Why is a Fenwick tree 1-indexed?

The update step moves to i + (i & -i) and the query step moves to i - (i & -i). When i is 0, the lowest-set-bit operation gives 0, so both loops would never advance. Starting at index 1 sidesteps this — the math works cleanly only with 1-based indexing.

What does i & -i compute?

It isolates the lowest set bit of i — the value 2^k where k is the position of the rightmost 1 in the binary representation of i. For i = 12 (binary 1100), the lowest set bit is 4. This single trick is what makes the Fenwick tree's update and query loops walk O(log n) ancestors instead of O(n).

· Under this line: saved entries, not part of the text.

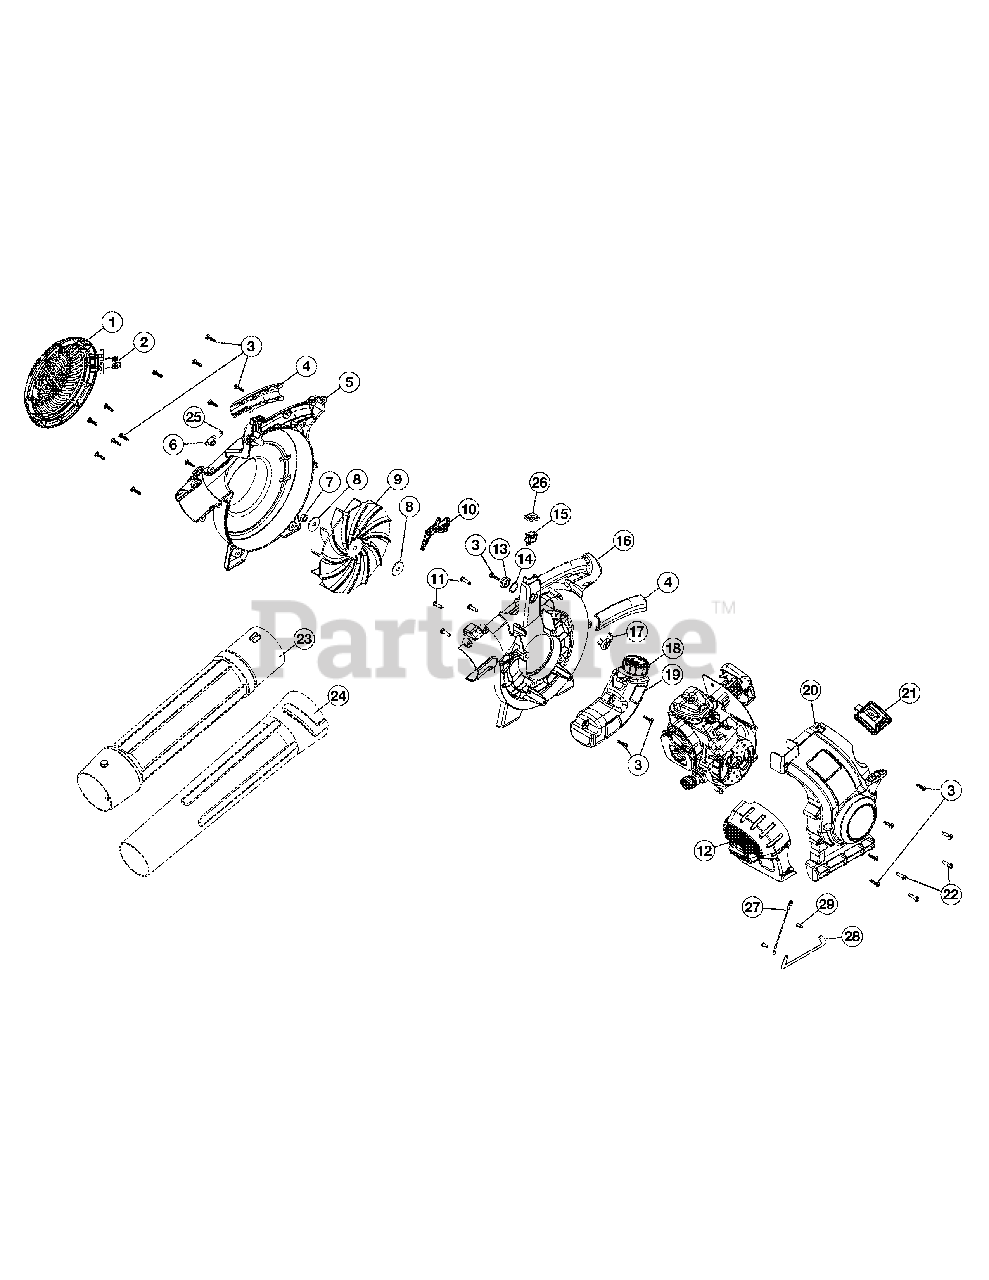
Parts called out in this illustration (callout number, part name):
1	Intake Cover
3	Screw
4	Handle Grips
5	Impeller Housing
6	Latch Tube
10	Throttle Trigger
11	Screw
12	Muffler Cover
13	Inner Trigger Lock
14	Wavey Washer
16	Impeller Housing
17	Outer Trigger Lock
19	Fuel Tank Assembly
20	Engine Cover Assembly
21	Spark Plug Cover
22	Screw
23	Upper Tube
24	Lower Tube
25	Latch Spring
26	Switch Cover
27	Wire Ground
28	Strap Ground

Can a Fenwick tree do range updates?

Yes, with two BITs storing the difference array. One BIT tracks the running delta and another tracks the i·delta correction term, so a range update is O(log n) and a prefix-sum query is also O(log n). For range update + range query you need both — see the BIT2 trick.

Why is Fenwick tree popular in competitive programming?

Two reasons: roughly 12 lines of code (versus 40+ for a segment tree), and constant factors small enough that a 10^7-operation solution fits in a 1-second time limit. For point-update + prefix-sum problems specifically, no other structure matches its cycles-per-op.

How do you count inversions in O(n log n)?

Coordinate-compress the array values into 1..k, then walk left to right. For each element with compressed value v, query the prefix sum [1..v] to count earlier elements that are at most v, subtract from i to get earlier elements greater than v (those are inversions ending here), then add 1 to position v. Total: 2n BIT operations.